Stored entries:
____________________
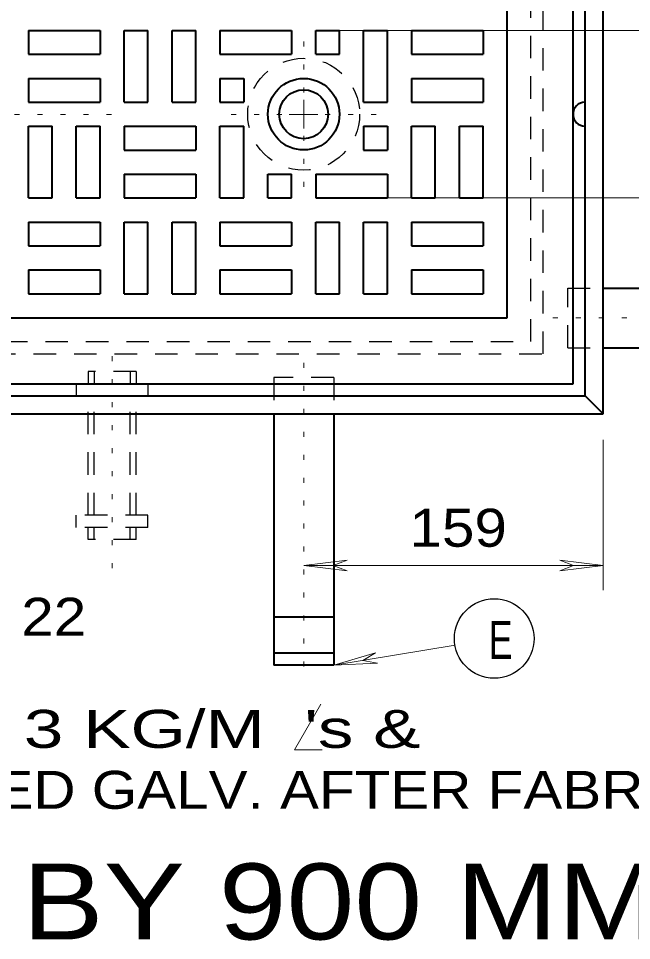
# Model space of a CAD drawing. Extents: x 312583 to 312854, y 144419 to 144597.
# Drawn here: x 312670.9 to 312683.17, y 144489.61 to 144508.06 of the extents above; entities that cross this region are included whole.
import ezdxf
from ezdxf.enums import TextEntityAlignment as Align

# ---------------------------------------------------------------- set-up
doc = ezdxf.new("R2010")
doc.units = 0
doc.header["$LTSCALE"] = 0.3
doc.linetypes.add('DOTTED', pattern=[1.5, 0.3, -1.2])
doc.linetypes.add('SHORT_DASHED', pattern=[2.7, 1.5, -1.2])
doc.layers.add('1', color=7, linetype='Continuous', lineweight=13)

msp = doc.modelspace()

# ---------------------------------------------------------------- linework, layer by layer
at = {"layer": '1', "lineweight": 40}
for p, q in [((312682.5955, 144500.1563), (312682.5955, 144512.1393)), ((312682.2351, 144500.5166), (312682.2351, 144511.779)), ((312681.9975, 144500.7543), (312681.9975, 144511.5413)), ((312680.6788, 144502.073), (312680.6788, 144510.2226)), ((312671.0955, 144507.823), (312672.5291, 144507.823)), ((312671.0955, 144507.823), (312671.0955, 144507.3476)), ((312672.5291, 144507.823), (312672.5291, 144507.3476)), ((312673.0121, 144506.3893), (312673.0121, 144507.823)), ((312673.0121, 144507.823), (312673.4875, 144507.823)), ((312673.4875, 144506.3893), (312673.4875, 144507.823)), ((312673.9705, 144506.3893), (312673.9705, 144507.823)), ((312673.9705, 144507.823), (312674.4458, 144507.823)), ((312674.4458, 144506.3893), (312674.4458, 144507.823)), ((312674.9288, 144507.823), (312676.3625, 144507.823)), ((312674.9288, 144507.823), (312674.9288, 144507.3476)), ((312676.3625, 144507.823), (312676.3625, 144507.3476)), ((312676.8455, 144507.3476), (312676.8455, 144507.823)), ((312676.8455, 144507.823), (312677.3208, 144507.823)), ((312677.3208, 144507.3476), (312677.3208, 144507.823)), ((312677.8038, 144506.3893), (312677.8038, 144507.823)), ((312677.8038, 144507.823), (312678.2791, 144507.823)), ((312678.2791, 144506.3893), (312678.2791, 144507.823)), ((312678.7621, 144507.823), (312680.1958, 144507.823)), ((312678.7621, 144507.823), (312678.7621, 144507.3476)), ((312680.1958, 144507.823), (312680.1958, 144507.3476)), ((312671.0955, 144507.3476), (312672.5291, 144507.3476)), ((312674.9288, 144507.3476), (312676.3625, 144507.3476)), ((312676.8455, 144507.3476), (312677.3208, 144507.3476)), ((312678.7621, 144507.3476), (312680.1958, 144507.3476)), ((312671.0955, 144506.8646), (312672.5291, 144506.8646)), ((312671.0955, 144506.8646), (312671.0955, 144506.3893)), ((312672.5291, 144506.8646), (312672.5291, 144506.3893)), ((312674.9288, 144506.8646), (312675.4041, 144506.8646)), ((312674.9288, 144506.8646), (312674.9288, 144506.3893)), ((312675.4041, 144506.8646), (312675.4041, 144506.3893)), ((312678.7621, 144506.8646), (312680.1958, 144506.8646)), ((312678.7621, 144506.8646), (312678.7621, 144506.3893)), ((312680.1958, 144506.8646), (312680.1958, 144506.3893)), ((312671.0955, 144506.3893), (312672.5291, 144506.3893)), ((312673.0121, 144506.3893), (312673.4875, 144506.3893)), ((312673.9705, 144506.3893), (312674.4458, 144506.3893)), ((312674.9288, 144506.3893), (312675.4041, 144506.3893)), ((312677.8038, 144506.3893), (312678.2791, 144506.3893)), ((312678.7621, 144506.3893), (312680.1958, 144506.3893)), ((312671.0955, 144504.4726), (312671.0955, 144505.9063)), ((312671.0955, 144505.9063), (312671.5708, 144505.9063)), ((312671.5708, 144504.4726), (312671.5708, 144505.9063)), ((312672.0538, 144504.4726), (312672.0538, 144505.9063)), ((312672.0538, 144505.9063), (312672.5291, 144505.9063)), ((312672.5291, 144504.4726), (312672.5291, 144505.9063)), ((312673.0121, 144505.9063), (312674.4458, 144505.9063)), ((312673.0121, 144505.9063), (312673.0121, 144505.431)), ((312674.4458, 144505.9063), (312674.4458, 144505.431)), ((312674.9288, 144504.4726), (312674.9288, 144505.9063)), ((312674.9288, 144505.9063), (312675.4041, 144505.9063)), ((312675.4041, 144504.4726), (312675.4041, 144505.9063)), ((312677.8038, 144505.9063), (312678.2791, 144505.9063)), ((312677.8038, 144505.9063), (312677.8038, 144505.431)), ((312678.2791, 144505.9063), (312678.2791, 144505.431)), ((312678.7621, 144504.4726), (312678.7621, 144505.9063)), ((312678.7621, 144505.9063), (312679.2375, 144505.9063)), ((312679.2375, 144504.4726), (312679.2375, 144505.9063)), ((312679.7205, 144504.4726), (312679.7205, 144505.9063)), ((312679.7205, 144505.9063), (312680.1958, 144505.9063)), ((312680.1958, 144504.4726), (312680.1958, 144505.9063)), ((312673.0121, 144505.431), (312674.4458, 144505.431)), ((312677.8038, 144505.431), (312678.2791, 144505.431)), ((312673.0121, 144504.948), (312674.4458, 144504.948)), ((312673.0121, 144504.948), (312673.0121, 144504.4726)), ((312674.4458, 144504.948), (312674.4458, 144504.4726)), ((312675.8871, 144504.4726), (312675.8871, 144504.948)), ((312675.8871, 144504.948), (312676.3625, 144504.948)), ((312676.3625, 144504.4726), (312676.3625, 144504.948)), ((312676.8455, 144504.948), (312678.2791, 144504.948)), ((312676.8455, 144504.948), (312676.8455, 144504.4726)), ((312678.2791, 144504.948), (312678.2791, 144504.4726)), ((312671.0955, 144504.4726), (312671.5708, 144504.4726)), ((312672.0538, 144504.4726), (312672.5291, 144504.4726)), ((312673.0121, 144504.4726), (312674.4458, 144504.4726)), ((312674.9288, 144504.4726), (312675.4041, 144504.4726)), ((312675.8871, 144504.4726), (312676.3625, 144504.4726)), ((312676.8455, 144504.4726), (312678.2791, 144504.4726)), ((312678.7621, 144504.4726), (312679.2375, 144504.4726)), ((312679.7205, 144504.4726), (312680.1958, 144504.4726)), ((312671.0955, 144503.9896), (312672.5291, 144503.9896)), ((312671.0955, 144503.9896), (312671.0955, 144503.5143)), ((312672.5291, 144503.9896), (312672.5291, 144503.5143)), ((312673.0121, 144502.556), (312673.0121, 144503.9896)), ((312673.0121, 144503.9896), (312673.4875, 144503.9896)), ((312673.4875, 144502.556), (312673.4875, 144503.9896)), ((312673.9705, 144502.556), (312673.9705, 144503.9896)), ((312673.9705, 144503.9896), (312674.4458, 144503.9896)), ((312674.4458, 144502.556), (312674.4458, 144503.9896)), ((312674.9288, 144503.9896), (312676.3625, 144503.9896)), ((312674.9288, 144503.9896), (312674.9288, 144503.5143)), ((312676.3625, 144503.9896), (312676.3625, 144503.5143)), ((312676.8455, 144502.556), (312676.8455, 144503.9896)), ((312676.8455, 144503.9896), (312677.3208, 144503.9896)), ((312677.3208, 144502.556), (312677.3208, 144503.9896)), ((312677.8038, 144502.556), (312677.8038, 144503.9896)), ((312677.8038, 144503.9896), (312678.2791, 144503.9896)), ((312678.2791, 144502.556), (312678.2791, 144503.9896)), ((312678.7621, 144503.9896), (312680.1958, 144503.9896)), ((312678.7621, 144503.9896), (312678.7621, 144503.5143)), ((312680.1958, 144503.9896), (312680.1958, 144503.5143)), ((312671.0955, 144503.5143), (312672.5291, 144503.5143)), ((312674.9288, 144503.5143), (312676.3625, 144503.5143)), ((312678.7621, 144503.5143), (312680.1958, 144503.5143)), ((312671.0955, 144503.0313), (312672.5291, 144503.0313)), ((312671.0955, 144503.0313), (312671.0955, 144502.556)), ((312672.5291, 144503.0313), (312672.5291, 144502.556)), ((312674.9288, 144503.0313), (312676.3625, 144503.0313)), ((312674.9288, 144503.0313), (312674.9288, 144502.556)), ((312676.3625, 144503.0313), (312676.3625, 144502.556)), ((312678.7621, 144503.0313), (312680.1958, 144503.0313)), ((312678.7621, 144503.0313), (312678.7621, 144502.556)), ((312680.1958, 144503.0313), (312680.1958, 144502.556)), ((312671.0955, 144502.556), (312672.5291, 144502.556)), ((312673.0121, 144502.556), (312673.4875, 144502.556)), ((312673.9705, 144502.556), (312674.4458, 144502.556)), ((312674.9288, 144502.556), (312676.3625, 144502.556)), ((312676.8455, 144502.556), (312677.3208, 144502.556)), ((312677.8038, 144502.556), (312678.2791, 144502.556)), ((312678.7621, 144502.556), (312680.1958, 144502.556)), ((312682.6108, 144502.671), (312687.6401, 144502.671)), ((312647.6125, 144502.073), (312680.6788, 144502.073)), ((312682.6108, 144501.475), (312687.6401, 144501.475)), ((312646.3015, 144500.7543), (312681.9975, 144500.7543)), ((312646.0561, 144500.5166), (312682.2351, 144500.5166)), ((312682.2351, 144500.5166), (312682.5955, 144500.1563)), ((312645.6958, 144500.1563), (312682.5955, 144500.1563)), ((312676.0098, 144500.1563), (312676.0098, 144495.127)), ((312677.2058, 144500.1563), (312677.2058, 144495.127)), ((312677.2058, 144496.0853), (312676.0098, 144496.0853)), ((312677.2058, 144495.3646), (312676.0098, 144495.3646)), ((312677.2058, 144495.127), (312676.0098, 144495.127))]:
    msp.add_line(p, q, dxfattribs=at)
at = {"layer": '1', "linetype": 'SHORT_DASHED', "lineweight": 25}
for p, q in [((312681.3995, 144501.3523), (312681.3995, 144510.9356)), ((312681.1541, 144501.5976), (312681.1541, 144510.698)), ((312681.8901, 144501.475), (312681.8901, 144502.671)), ((312681.8901, 144502.671), (312682.6108, 144502.671)), ((312647.1371, 144501.5976), (312681.1541, 144501.5976)), ((312681.8901, 144501.475), (312682.6108, 144501.475)), ((312646.8995, 144501.3523), (312681.3995, 144501.3523)), ((312673.2498, 144500.9996), (312672.2915, 144500.9996)), ((312672.2915, 144500.9996), (312672.2915, 144500.7543)), ((312672.4141, 144500.9996), (312672.4141, 144500.7543)), ((312673.1348, 144500.9996), (312673.1348, 144500.7543)), ((312673.2498, 144500.9996), (312673.2498, 144500.7543)), ((312677.2058, 144500.877), (312676.0098, 144500.877)), ((312676.0098, 144500.877), (312676.0098, 144500.1563)), ((312677.2058, 144500.877), (312677.2058, 144500.1563)), ((312673.4875, 144500.7543), (312672.0538, 144500.7543)), ((312672.0538, 144500.7543), (312672.0538, 144500.5166)), ((312673.4875, 144500.7543), (312673.4875, 144500.5166)), ((312672.2915, 144498.1246), (312672.2915, 144500.5166)), ((312672.4141, 144498.1246), (312672.4141, 144500.5166)), ((312673.1348, 144498.1246), (312673.1348, 144500.5166)), ((312673.2498, 144498.1246), (312673.2498, 144500.5166)), ((312673.4875, 144498.1246), (312672.0538, 144498.1246)), ((312672.0538, 144497.8793), (312672.0538, 144498.1246)), ((312673.4875, 144497.8793), (312673.4875, 144498.1246)), ((312673.4875, 144497.8793), (312672.0538, 144497.8793)), ((312672.2915, 144497.6416), (312672.2915, 144497.8793)), ((312672.4141, 144497.6416), (312672.4141, 144497.8793)), ((312673.1348, 144497.6416), (312673.1348, 144497.8793)), ((312673.2498, 144497.6416), (312673.2498, 144497.8793)), ((312673.2498, 144497.6416), (312672.2915, 144497.6416))]:
    msp.add_line(p, q, dxfattribs=at)
at = {"layer": '1', "linetype": 'DOTTED'}
for p, q in [((312676.6078, 144506.581), (312676.6078, 144507.6926)), ((312665.2995, 144506.144), (312672.9661, 144506.144)), ((312676.1708, 144506.144), (312675.0361, 144506.144)), ((312677.0371, 144506.144), (312678.1335, 144506.144)), ((312676.6078, 144505.7146), (312676.6078, 144504.557)), ((312681.5911, 144502.073), (312687.9851, 144502.073)), ((312672.7745, 144497.0666), (312672.7745, 144501.5516)), ((312676.6078, 144501.176), (312676.6078, 144494.7743))]:
    msp.add_line(p, q, dxfattribs=at)
at = {"layer": '1'}
for p, q in [((312677.3208, 144507.823), (312686.5515, 144507.823)), ((312676.6078, 144506.144), (312676.6078, 144506.4353)), ((312676.6078, 144506.144), (312676.3165, 144506.144)), ((312676.6078, 144506.144), (312676.8915, 144506.144)), ((312676.6078, 144506.144), (312676.6078, 144505.8603)), ((312677.3208, 144504.4726), (312686.5515, 144504.4726)), ((312682.5955, 144499.635), (312682.5955, 144496.622)), ((312676.6078, 144497.1203), (312677.4741, 144497.2276)), ((312677.4741, 144497.2276), (312677.1981, 144497.1203)), ((312681.7291, 144497.2276), (312682.0051, 144497.1203)), ((312682.5955, 144497.1203), (312681.7291, 144497.2276)), ((312682.5955, 144497.1203), (312676.6078, 144497.1203)), ((312676.6078, 144497.1203), (312677.4741, 144497.013)), ((312677.4741, 144497.013), (312677.1981, 144497.1203)), ((312681.7291, 144497.013), (312682.0051, 144497.1203)), ((312682.5955, 144497.1203), (312681.7291, 144497.013)), ((312679.6361, 144495.5256), (312677.2058, 144495.127)), ((312677.2058, 144495.127), (312678.0415, 144495.3723)), ((312678.0415, 144495.3723), (312677.7885, 144495.219)), ((312677.2058, 144495.127), (312678.0798, 144495.1653)), ((312678.0798, 144495.1653), (312677.7885, 144495.219))]:
    msp.add_line(p, q, dxfattribs=at)
msp.add_lwpolyline([(312676.9502, 144494.344), (312676.4212, 144493.4317), (312676.9732, 144493.4317)], dxfattribs=at)
at = {"layer": '1', "linetype": 'SHORT_DASHED', "lineweight": 25}
msp.add_circle((312676.6049, 144506.1478), 1.1201, dxfattribs=at)
at = {"layer": '1', "lineweight": 40}
for radius in [0.7155, 0.4899]:
    msp.add_circle((312676.6049, 144506.1478), radius, dxfattribs=at)
at = {"layer": '1', "lineweight": 25}
msp.add_circle((312680.4181, 144495.6579), 0.7964, dxfattribs=at)
at = {"layer": '1', "lineweight": 40}
msp.add_arc((312682.2351, 144506.1478), 0.2396, 90, 270, dxfattribs=at)

# ---------------------------------------------------------------- texts
at = {"layer": '1'}
for s, width, p in [('159 ', 1.15, (312678.7219, 144497.4942)), ('22 ', 1.15, (312670.9532, 144495.7134)), ('E', 0.7, (312680.3107, 144495.2506)), ("30 BY 30 BY 6 MM  's @ 3 KG/M  's &", 1.4, (312654.8958, 144493.47)), ('ANCHORS TO BE HOT DIPPED GALV. AFTER FABRICATION', 1.15, (312654.8958, 144492.25))]:
    msp.add_text(s, height=0.76, dxfattribs=dict(at, width=width)).set_placement(p)
at = {"layer": '1', "width": 1.2}
msp.add_text('PLAN-FRAME AND COVER FOR 250 BY 900 MM JUNCTION BOX', height=1.52, dxfattribs=at).set_placement((312665.6882, 144489.6359), align=Align.CENTER)

doc.saveas('drawing.dxf')
____________________
▶ Work required:
Copy the records above exactly, starting at the line that contains "msp.add_text('PLAN-FRAME AND COVER" and ending at the last line, and leave out all earlier lines.

▶ Task result:
msp.add_text('PLAN-FRAME AND COVER FOR 250 BY 900 MM JUNCTION BOX', height=1.52, dxfattribs=at).set_placement((312665.6882, 144489.6359), align=Align.CENTER)

doc.saveas('drawing.dxf')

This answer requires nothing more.